▶ _PROBLEM DETAILS_
The required output is all lines below that contain the word "Parede".

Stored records
□ □ □ □
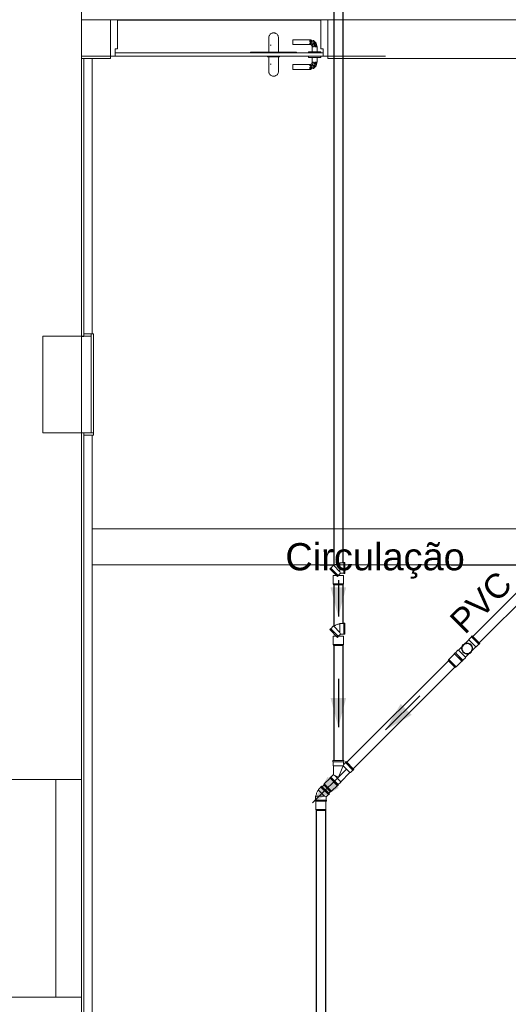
# Model space of a CAD drawing. Header units: millimetres. Extents: x -261 to 187, y -214 to 106.
# Tile 341 of 656: x -192.45 to -190.43, y -85.52 to -81.45. Entities that reach past the tile are written whole.
import ezdxf

# ---------------------------------------------------------------- set-up
doc = ezdxf.new("R2010")
doc.units = ezdxf.units.MM
doc.header["$LTSCALE"] = 0.005
doc.header["$MEASUREMENT"] = 0
doc.linetypes.add('NULL', pattern=[0])
for name, color, linetype, lineweight in [('Ambiente-Textos', 9, 'Continuous', 5), ('AP-Condutos', 4, 'Continuous', 25), ('AP-Condutos Ar condicionado', 4, 'Continuous', 25), ('AP-Sentido conduto', 9, 'Continuous', 30), ('AP-Sentido conduto Ar condicionado', 9, 'Continuous', 30), ('AP-Textos conduto', 7, 'Continuous', 9), ('IFC-Laje-Contorno', 9, 'Continuous', 5), ('IFC-Parede padrão-Contorno', 9, 'Continuous', 5), ('IFC-Pilar-Contorno', 9, 'Continuous', 5), ('IFC-Porta-Contorno', 9, 'Continuous', 5), ('IFC-Viga-Contorno', 9, 'Continuous', 5), ('Simbolos', 5, 'Continuous', 20), ('Simbolos_int', 174, 'Continuous', 5)]:
    doc.layers.add(name, color=color, linetype=linetype, lineweight=lineweight)
doc.styles.add('Arial', font='arial.ttf')

msp = doc.modelspace()

# ---------------------------------------------------------------- hatches: boundary and pattern name
at = {"layer": 'AP-Sentido conduto', "linetype": 'Continuous'}
for points in [[(-191.1308, -84.3771), (-191.0984, -84.2564), (-191.1631, -84.2564)], [(-190.9352, -84.3888), (-190.8269, -84.3263), (-190.8727, -84.2805)], [(-191.2377, -84.6913), (-191.1294, -84.6288), (-191.1752, -84.583)]]:
    msp.add_hatch(color=7, dxfattribs=at).paths.add_polyline_path(points)
at = {"layer": 'AP-Sentido conduto Ar condicionado', "linetype": 'Continuous'}
msp.add_hatch(color=7, dxfattribs=at).paths.add_polyline_path([(-191.1308, -83.9194), (-191.0984, -83.7987), (-191.1631, -83.7987)])

# ---------------------------------------------------------------- linework, layer by layer
at = {"layer": 'AP-Condutos'}
for p, q in [((-191.1496, -77.9822), (-191.1496, -83.7081)), ((-191.112, -77.9822), (-191.112, -83.6966)), ((-190.0933, -83.5203), (-190.5747, -84.0017)), ((-190.0667, -83.5469), (-190.5481, -84.0283)), ((-191.1496, -84.0392), (-191.1496, -84.516)), ((-191.112, -84.0392), (-191.112, -84.516)), ((-190.6754, -84.1025), (-191.0957, -84.5227)), ((-190.6489, -84.1291), (-191.0691, -84.5493)), ((-191.1904, -84.6175), (-191.197, -84.624)), ((-191.1639, -84.6441), (-191.1704, -84.6506)), ((-191.2219, -84.7227), (-191.2219, -87.0407)), ((-191.1843, -84.7227), (-191.1843, -87.0407))]:
    msp.add_line(p, q, dxfattribs=at)
at = {"layer": 'AP-Condutos Ar condicionado'}
for p, q in [((-191.1496, -83.7877), (-191.1496, -83.9596)), ((-191.112, -83.7877), (-191.112, -83.9481))]:
    msp.add_line(p, q, dxfattribs=at)
at = {"layer": 'AP-Sentido conduto'}
for points in [[(-191.1308, -84.1771), (-191.1308, -84.3771)], [(-190.7937, -84.2474), (-190.9352, -84.3888)], [(-191.0962, -84.5499), (-191.2377, -84.6913)]]:
    msp.add_lwpolyline(points, dxfattribs=at)
at = {"layer": 'AP-Sentido conduto Ar condicionado'}
msp.add_lwpolyline([(-191.1308, -83.7689), (-191.1308, -83.9194)], dxfattribs=at)
at = {"layer": 'IFC-Laje-Contorno', "lineweight": 5}
for p, q in [((-191.1987, -83.7059), (-191.1987, -83.7059)), ((-191.1837, -83.7059), (-191.1837, -83.7059)), ((-190.6987, -83.7059), (-190.6987, -83.7059)), ((-190.6837, -83.7059), (-190.6837, -83.7059))]:
    msp.add_line(p, q, dxfattribs=at)
at = {"layer": 'IFC-Parede padrão-Contorno', "lineweight": 5}
for p, q in [((-192.1939, -83.5764), (-192.1939, -80.5417)), ((-192.1939, -81.4492), (-192.1488, -81.4492)), ((-192.1605, -81.4492), (-192.0737, -81.4492)), ((-192.0737, -81.4493), (-192.0737, -81.4479)), ((-192.0737, -81.4492), (-191.2037, -81.4492)), ((-192.0737, -81.5787), (-192.0737, -81.4492)), ((-191.1737, -81.4493), (-191.1737, -81.4479)), ((-191.1737, -81.5787), (-191.1737, -81.4492)), ((-191.1737, -81.4492), (-190.6443, -81.4492)), ((-190.6716, -81.4492), (-187.3037, -81.4492)), ((-192.1939, -81.5992), (-192.1488, -81.5992)), ((-192.1939, -81.6092), (-192.1605, -81.6092)), ((-192.1839, -82.4397), (-192.1839, -81.6092)), ((-192.1605, -81.5992), (-192.0737, -81.5992)), ((-192.1605, -81.6092), (-192.0737, -81.6092)), ((-192.0737, -81.5993), (-192.0737, -81.5992)), ((-192.0737, -81.6079), (-192.0737, -81.5992)), ((-192.0737, -81.6092), (-192.0737, -81.6079)), ((-191.7608, -81.5992), (-191.4237, -81.5992)), ((-191.3737, -81.5992), (-191.2537, -81.5992)), ((-191.2037, -81.5992), (-191.1911, -81.5992)), ((-191.1737, -81.5992), (-190.9351, -81.5992)), ((-191.1737, -81.6079), (-191.1737, -81.5992)), ((-191.1737, -81.6092), (-191.1737, -81.6079)), ((-191.1737, -81.6092), (-190.9817, -81.6092)), ((-190.9817, -81.6092), (-189.7737, -81.6092)), ((-192.1839, -82.7592), (-192.1839, -82.4397)), ((-192.1939, -82.7592), (-192.1867, -82.7592)), ((-192.1867, -82.7592), (-192.1839, -82.7592)), ((-192.1839, -82.7483), (-192.1621, -82.7483)), ((-192.1621, -82.7483), (-192.1537, -82.7483)), ((-192.1537, -83.0443), (-192.1537, -82.7483)), ((-192.1537, -82.7483), (-192.1465, -82.7483)), ((-192.1465, -82.7483), (-192.1437, -82.7483)), ((-192.1437, -83.0443), (-192.1437, -82.7483)), ((-192.1437, -83.1583), (-192.1437, -83.0443)), ((-192.1939, -83.1583), (-192.1867, -83.1583)), ((-192.1839, -85.0987), (-192.1839, -83.1583)), ((-192.1727, -83.1583), (-192.1437, -83.1583)), ((-192.1437, -83.1655), (-192.1437, -83.1583)), ((-192.1437, -83.1683), (-192.1437, -83.1655)), ((-192.1839, -83.1683), (-192.1727, -83.1683)), ((-192.1727, -83.1683), (-192.1437, -83.1683)), ((-192.1939, -85.0987), (-192.1939, -83.5764)), ((-192.5865, -84.5947), (-192.1939, -84.5947)), ((-192.1939, -85.8454), (-192.1939, -85.0987)), ((-192.1839, -85.8454), (-192.1839, -85.0987)), ((-192.5865, -85.4947), (-192.1939, -85.4947)), ((-192.1939, -85.9408), (-192.1939, -85.4947))]:
    msp.add_line(p, q, dxfattribs=at)
at = {"layer": 'IFC-Pilar-Contorno', "lineweight": 5}
for p, q in [((-192.3537, -82.9586), (-192.3537, -82.7583)), ((-192.3537, -82.7583), (-192.3138, -82.7583)), ((-192.3138, -82.7583), (-192.2539, -82.7583)), ((-192.2539, -82.7583), (-192.1537, -82.7583)), ((-192.3537, -83.0785), (-192.3537, -82.9586)), ((-192.1537, -83.1583), (-192.1537, -82.9579)), ((-192.3537, -83.1583), (-192.3537, -83.0785)), ((-192.3537, -83.1583), (-192.2536, -83.1583)), ((-192.2536, -83.1583), (-192.1936, -83.1583)), ((-192.1936, -83.1583), (-192.1537, -83.1583))]:
    msp.add_line(p, q, dxfattribs=at)
at = {"layer": 'IFC-Porta-Contorno', "lineweight": 5}
for p, q in [((-192.0737, -81.4492), (-192.0474, -81.4492)), ((-192.0474, -81.4492), (-192.0437, -81.4492)), ((-192.0437, -81.4642), (-192.0437, -81.4492)), ((-191.2037, -81.5543), (-191.2037, -81.4492)), ((-191.2037, -81.4492), (-191.1999, -81.4492)), ((-191.1999, -81.4492), (-191.1737, -81.4492)), ((-192.0437, -81.5692), (-192.0437, -81.4642)), ((-191.1737, -81.5993), (-191.1737, -81.4698)), ((-191.4187, -81.5228), (-191.4183, -81.5195)), ((-191.4187, -81.5228), (-191.4185, -81.5201)), ((-191.4187, -81.5228), (-191.4186, -81.5248)), ((-191.4187, -81.5278), (-191.4186, -81.5248)), ((-191.4187, -81.5278), (-191.4185, -81.5316)), ((-191.4187, -81.5376), (-191.4184, -81.5282)), ((-191.4185, -81.5201), (-191.418, -81.5176)), ((-191.4183, -81.5195), (-191.418, -81.5176)), ((-191.418, -81.5176), (-191.4171, -81.5151)), ((-191.4171, -81.5151), (-191.416, -81.5128)), ((-191.416, -81.5128), (-191.4145, -81.5106)), ((-191.4145, -81.5106), (-191.4128, -81.5086)), ((-191.4128, -81.5086), (-191.4108, -81.5069)), ((-191.4108, -81.5069), (-191.4087, -81.5054)), ((-191.4087, -81.5054), (-191.4063, -81.5043)), ((-191.4063, -81.5043), (-191.4038, -81.5034)), ((-191.4038, -81.5034), (-191.4026, -81.5031)), ((-191.4026, -81.5031), (-191.3987, -81.5028)), ((-191.3987, -81.5028), (-191.3948, -81.5031)), ((-191.3948, -81.5031), (-191.3935, -81.5034)), ((-191.3935, -81.5034), (-191.391, -81.5043)), ((-191.391, -81.5043), (-191.3887, -81.5054)), ((-191.3887, -81.5054), (-191.3865, -81.5069)), ((-191.3865, -81.5069), (-191.3845, -81.5086)), ((-191.3845, -81.5086), (-191.3828, -81.5106)), ((-191.3828, -81.5106), (-191.3814, -81.5128)), ((-191.3814, -81.5128), (-191.3802, -81.5151)), ((-191.3814, -81.5128), (-191.3806, -81.5146)), ((-191.3806, -81.5146), (-191.3794, -81.5176)), ((-191.3802, -81.5151), (-191.3794, -81.5176)), ((-191.3794, -81.5176), (-191.3788, -81.5201)), ((-191.3788, -81.5201), (-191.3787, -81.5228)), ((-191.3788, -81.5303), (-191.3787, -81.526)), ((-191.3788, -81.5303), (-191.3787, -81.5384)), ((-191.3787, -81.5248), (-191.3787, -81.5228)), ((-191.3787, -81.5248), (-191.3787, -81.526)), ((-191.3187, -81.5308), (-191.2487, -81.5308)), ((-191.3187, -81.5311), (-191.3187, -81.5308)), ((-191.3187, -81.5321), (-191.3187, -81.5311)), ((-191.3187, -81.5337), (-191.3187, -81.5321)), ((-191.3187, -81.5358), (-191.3187, -81.5337)), ((-191.3187, -81.5382), (-191.3187, -81.5358)), ((-191.2487, -81.5308), (-191.2466, -81.5313)), ((-191.2487, -81.5358), (-191.2444, -81.5319)), ((-191.2487, -81.5337), (-191.2487, -81.5321)), ((-191.2487, -81.5358), (-191.2402, -81.533)), ((-191.2487, -81.5408), (-191.2402, -81.533)), ((-191.2487, -81.5358), (-191.2487, -81.5337)), ((-191.2487, -81.5382), (-191.2487, -81.5358)), ((-191.2466, -81.5313), (-191.2444, -81.5319)), ((-191.2444, -81.5319), (-191.2402, -81.533)), ((-191.2402, -81.533), (-191.2337, -81.5348)), ((-191.2337, -81.5348), (-191.2309, -81.5375)), ((-192.0537, -81.5692), (-192.0449, -81.5692)), ((-192.0537, -81.5731), (-192.0537, -81.5692)), ((-192.0537, -81.5993), (-192.0537, -81.5731)), ((-192.0449, -81.5692), (-192.0437, -81.5692)), ((-191.4187, -81.5376), (-191.4186, -81.545)), ((-191.4187, -81.5528), (-191.4186, -81.545)), ((-191.4187, -81.5828), (-191.4187, -81.5528)), ((-191.4128, -81.5528), (-191.4087, -81.5528)), ((-191.3787, -81.5461), (-191.3787, -81.5384)), ((-191.3787, -81.5461), (-191.3787, -81.5528)), ((-191.3787, -81.5828), (-191.3787, -81.5528)), ((-191.3187, -81.5408), (-191.3187, -81.5382)), ((-191.3187, -81.5433), (-191.3187, -81.5408)), ((-191.3187, -81.5458), (-191.3187, -81.5433)), ((-191.3187, -81.5478), (-191.3187, -81.5458)), ((-191.3187, -81.5494), (-191.3187, -81.5478)), ((-191.3187, -81.5504), (-191.3187, -81.5494)), ((-191.3187, -81.5508), (-191.3187, -81.5504)), ((-191.3187, -81.5508), (-191.2487, -81.5508)), ((-191.2487, -81.5494), (-191.2403, -81.5375)), ((-191.2487, -81.5408), (-191.2403, -81.5375)), ((-191.2487, -81.5408), (-191.2487, -81.5382)), ((-191.2487, -81.5478), (-191.2487, -81.5458)), ((-191.2487, -81.5494), (-191.2394, -81.5462)), ((-191.2487, -81.5508), (-191.2394, -81.5462)), ((-191.2487, -81.5494), (-191.2487, -81.5478)), ((-191.2487, -81.5508), (-191.2451, -81.5522)), ((-191.2451, -81.5522), (-191.2416, -81.5537)), ((-191.2416, -81.5537), (-191.2394, -81.5462)), ((-191.2416, -81.5537), (-191.2401, -81.5572)), ((-191.2403, -81.5375), (-191.2333, -81.5398)), ((-191.2403, -81.5375), (-191.2394, -81.5462)), ((-191.2401, -81.5572), (-191.2387, -81.5608)), ((-191.2394, -81.5462), (-191.2377, -81.5517)), ((-191.2387, -81.5608), (-191.2368, -81.5559)), ((-191.2387, -81.5808), (-191.2387, -81.5608)), ((-191.2377, -81.5517), (-191.2311, -81.5437)), ((-191.2377, -81.5517), (-191.2368, -81.5559)), ((-191.2368, -81.5559), (-191.2357, -81.5608)), ((-191.2357, -81.5608), (-191.2254, -81.5524)), ((-191.2357, -81.5608), (-191.2337, -81.5608)), ((-191.2333, -81.5398), (-191.2311, -81.5437)), ((-191.2311, -81.5437), (-191.2254, -81.543)), ((-191.2311, -81.5502), (-191.2254, -81.543)), ((-191.2311, -81.5502), (-191.2311, -81.5437)), ((-191.2311, -81.5502), (-191.2254, -81.5524)), ((-191.2309, -81.5375), (-191.2282, -81.5403)), ((-191.2287, -81.5608), (-191.2209, -81.5523)), ((-191.2287, -81.5608), (-191.2254, -81.5524)), ((-191.2287, -81.5608), (-191.2261, -81.5608)), ((-191.2282, -81.5403), (-191.2254, -81.543)), ((-191.2261, -81.5608), (-191.2237, -81.5608)), ((-191.2254, -81.543), (-191.2227, -81.5458)), ((-191.2254, -81.5524), (-191.2227, -81.5458)), ((-191.2237, -81.5608), (-191.2209, -81.5523)), ((-191.2237, -81.5608), (-191.2198, -81.5565)), ((-191.2237, -81.5608), (-191.2216, -81.5608)), ((-191.2227, -81.5458), (-191.2209, -81.5523)), ((-191.2216, -81.5608), (-191.22, -81.5608)), ((-191.2209, -81.5523), (-191.2198, -81.5565)), ((-191.2198, -81.5565), (-191.2192, -81.5586)), ((-191.2192, -81.5586), (-191.2187, -81.5608)), ((-191.2187, -81.5808), (-191.2187, -81.5608)), ((-191.2037, -81.5692), (-191.2037, -81.5543)), ((-191.2037, -81.5692), (-191.2024, -81.5692)), ((-191.2024, -81.5692), (-191.1937, -81.5692)), ((-191.1937, -81.5954), (-191.1937, -81.5692)), ((-192.0737, -81.5992), (-192.0737, -81.5787)), ((-192.0737, -81.5992), (-192.0562, -81.5992)), ((-192.0562, -81.5992), (-192.0537, -81.5992)), ((-192.0537, -81.5858), (-191.9429, -81.5858)), ((-192.0537, -81.5992), (-191.9429, -81.5992)), ((-191.9429, -81.5858), (-191.1937, -81.5858)), ((-191.9429, -81.5992), (-191.4237, -81.5992)), ((-191.4937, -81.5828), (-191.4045, -81.5828)), ((-191.4937, -81.5842), (-191.4937, -81.5828)), ((-191.4937, -81.5858), (-191.4937, -81.5842)), ((-191.4237, -81.6022), (-191.4237, -81.5992)), ((-191.4237, -81.5992), (-191.1937, -81.5992)), ((-191.4237, -81.6022), (-191.4228, -81.6022)), ((-191.4228, -81.6022), (-191.4203, -81.6022)), ((-191.4203, -81.6022), (-191.4164, -81.6022)), ((-191.4187, -81.6322), (-191.4187, -81.6022)), ((-191.4164, -81.6022), (-191.4112, -81.6022)), ((-191.4112, -81.6022), (-191.4051, -81.6022)), ((-191.4087, -81.5828), (-191.4038, -81.5828)), ((-191.4051, -81.5828), (-191.3987, -81.5828)), ((-191.4051, -81.6022), (-191.3987, -81.6022)), ((-191.4045, -81.5828), (-191.3037, -81.5828)), ((-191.3987, -81.6022), (-191.3922, -81.6022)), ((-191.3922, -81.6022), (-191.3862, -81.6022)), ((-191.3862, -81.6022), (-191.381, -81.6022)), ((-191.381, -81.6022), (-191.377, -81.6022)), ((-191.3787, -81.6322), (-191.3787, -81.6022)), ((-191.377, -81.6022), (-191.3745, -81.6022)), ((-191.3745, -81.6022), (-191.3737, -81.6022)), ((-191.3737, -81.6022), (-191.3737, -81.5992)), ((-191.3037, -81.5843), (-191.3037, -81.5828)), ((-191.3037, -81.5858), (-191.3037, -81.5843)), ((-191.2587, -81.5993), (-191.2587, -81.5992)), ((-191.2537, -81.5858), (-191.2537, -81.5808)), ((-191.2537, -81.5808), (-191.2528, -81.5808)), ((-191.2537, -81.6042), (-191.2537, -81.5992)), ((-191.2537, -81.6042), (-191.2528, -81.6042)), ((-191.2528, -81.5808), (-191.2503, -81.5808)), ((-191.2528, -81.6042), (-191.2503, -81.6042)), ((-191.2503, -81.5808), (-191.2464, -81.5808)), ((-191.2503, -81.6042), (-191.2464, -81.6042)), ((-191.2464, -81.5808), (-191.2412, -81.5808)), ((-191.2464, -81.6042), (-191.2412, -81.6042)), ((-191.2412, -81.5808), (-191.2351, -81.5808)), ((-191.2412, -81.6042), (-191.2351, -81.6042)), ((-191.2387, -81.6242), (-191.2387, -81.6042)), ((-191.2357, -81.5808), (-191.2337, -81.5808)), ((-191.2351, -81.5808), (-191.2287, -81.5808)), ((-191.2351, -81.6042), (-191.2287, -81.6042)), ((-191.2287, -81.5808), (-191.2222, -81.5808)), ((-191.2287, -81.6042), (-191.2222, -81.6042)), ((-191.2237, -81.5808), (-191.2216, -81.5808)), ((-191.2222, -81.5808), (-191.2162, -81.5808)), ((-191.2222, -81.6042), (-191.2162, -81.6042)), ((-191.2187, -81.6242), (-191.2187, -81.6042)), ((-191.2162, -81.5808), (-191.211, -81.5808)), ((-191.2162, -81.6042), (-191.211, -81.6042)), ((-191.211, -81.5808), (-191.207, -81.5808)), ((-191.211, -81.6042), (-191.207, -81.6042)), ((-191.207, -81.5808), (-191.2045, -81.5808)), ((-191.207, -81.6042), (-191.2045, -81.6042)), ((-191.2045, -81.5808), (-191.2037, -81.5808)), ((-191.2045, -81.6042), (-191.2037, -81.6042)), ((-191.2037, -81.5858), (-191.2037, -81.5808)), ((-191.2037, -81.6042), (-191.2037, -81.5992)), ((-191.2037, -81.5993), (-191.2037, -81.5992)), ((-191.1937, -81.5975), (-191.1937, -81.5858)), ((-191.1937, -81.5993), (-191.1937, -81.5954)), ((-191.1937, -81.5992), (-191.1911, -81.5992)), ((-191.1911, -81.5992), (-191.1737, -81.5992)), ((-191.4187, -81.6322), (-191.4186, -81.64)), ((-191.4187, -81.6474), (-191.4186, -81.64)), ((-191.4187, -81.6474), (-191.4184, -81.6568)), ((-191.4187, -81.6571), (-191.4185, -81.6533)), ((-191.4187, -81.6571), (-191.4186, -81.6601)), ((-191.4128, -81.6322), (-191.4087, -81.6322)), ((-191.4107, -81.6322), (-191.4087, -81.6322)), ((-191.3788, -81.6547), (-191.3787, -81.6465)), ((-191.3788, -81.6547), (-191.3787, -81.659)), ((-191.3787, -81.6388), (-191.3787, -81.6322)), ((-191.3787, -81.6388), (-191.3787, -81.6465)), ((-191.3787, -81.6602), (-191.3787, -81.659)), ((-191.3187, -81.6342), (-191.2487, -81.6342)), ((-191.3187, -81.6346), (-191.3187, -81.6342)), ((-191.3187, -81.6356), (-191.3187, -81.6346)), ((-191.3187, -81.6372), (-191.3187, -81.6356)), ((-191.3187, -81.6392), (-191.3187, -81.6372)), ((-191.3187, -81.6416), (-191.3187, -81.6392)), ((-191.3187, -81.6442), (-191.3187, -81.6416)), ((-191.3187, -81.6468), (-191.3187, -81.6442)), ((-191.3187, -81.6492), (-191.3187, -81.6468)), ((-191.3187, -81.6513), (-191.3187, -81.6492)), ((-191.3187, -81.6529), (-191.3187, -81.6513)), ((-191.3187, -81.6539), (-191.3187, -81.6529)), ((-191.3187, -81.6542), (-191.3187, -81.6539)), ((-191.3187, -81.6542), (-191.2487, -81.6542)), ((-191.2487, -81.6342), (-191.2451, -81.6328)), ((-191.2487, -81.6342), (-191.2394, -81.6387)), ((-191.2487, -81.6356), (-191.2394, -81.6387)), ((-191.2487, -81.6356), (-191.2403, -81.6475)), ((-191.2487, -81.6372), (-191.2487, -81.6356)), ((-191.2487, -81.6392), (-191.2487, -81.6372)), ((-191.2487, -81.6442), (-191.2403, -81.6475)), ((-191.2487, -81.6442), (-191.2402, -81.6519)), ((-191.2487, -81.6468), (-191.2487, -81.6442)), ((-191.2487, -81.6492), (-191.2487, -81.6468)), ((-191.2487, -81.6492), (-191.2444, -81.6531)), ((-191.2487, -81.6492), (-191.2402, -81.6519)), ((-191.2487, -81.6513), (-191.2487, -81.6492)), ((-191.2487, -81.6529), (-191.2487, -81.6513)), ((-191.2487, -81.6542), (-191.2466, -81.6537)), ((-191.2466, -81.6537), (-191.2444, -81.6531)), ((-191.2451, -81.6328), (-191.2416, -81.6313)), ((-191.2444, -81.6531), (-191.2402, -81.6519)), ((-191.2416, -81.6313), (-191.2401, -81.6278)), ((-191.2416, -81.6313), (-191.2394, -81.6387)), ((-191.2403, -81.6475), (-191.2394, -81.6387)), ((-191.2403, -81.6475), (-191.2333, -81.6452)), ((-191.2402, -81.6519), (-191.2337, -81.6502)), ((-191.2401, -81.6278), (-191.2387, -81.6242)), ((-191.2394, -81.6387), (-191.2377, -81.6333)), ((-191.2387, -81.6242), (-191.2368, -81.629)), ((-191.2377, -81.6333), (-191.2368, -81.629)), ((-191.2377, -81.6333), (-191.2311, -81.6412)), ((-191.2368, -81.629), (-191.2357, -81.6242)), ((-191.2357, -81.6242), (-191.2337, -81.6242)), ((-191.2357, -81.6242), (-191.2254, -81.6325)), ((-191.2337, -81.6502), (-191.2282, -81.6447)), ((-191.2337, -81.6502), (-191.2309, -81.6475)), ((-191.2333, -81.6452), (-191.2311, -81.6412)), ((-191.2311, -81.6348), (-191.2254, -81.6325)), ((-191.2311, -81.6348), (-191.2311, -81.6412)), ((-191.2311, -81.6348), (-191.2254, -81.642)), ((-191.2311, -81.6412), (-191.2254, -81.642)), ((-191.2309, -81.6475), (-191.2282, -81.6447)), ((-191.2287, -81.6242), (-191.2261, -81.6242)), ((-191.2287, -81.6242), (-191.2254, -81.6325)), ((-191.2287, -81.6242), (-191.2209, -81.6327)), ((-191.2282, -81.6447), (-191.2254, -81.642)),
□ □ □ □
▶ _SOLUTION FOR THIS EXERCISE_
for name, color, linetype, lineweight in [('Ambiente-Textos', 9, 'Continuous', 5), ('AP-Condutos', 4, 'Continuous', 25), ('AP-Condutos Ar condicionado', 4, 'Continuous', 25), ('AP-Sentido conduto', 9, 'Continuous', 30), ('AP-Sentido conduto Ar condicionado', 9, 'Continuous', 30), ('AP-Textos conduto', 7, 'Continuous', 9), ('IFC-Laje-Contorno', 9, 'Continuous', 5), ('IFC-Parede padrão-Contorno', 9, 'Continuous', 5), ('IFC-Pilar-Contorno', 9, 'Continuous', 5), ('IFC-Porta-Contorno', 9, 'Continuous', 5), ('IFC-Viga-Contorno', 9, 'Continuous', 5), ('Simbolos', 5, 'Continuous', 20), ('Simbolos_int', 174, 'Continuous', 5)]:
at = {"layer": 'IFC-Parede padrão-Contorno', "lineweight": 5}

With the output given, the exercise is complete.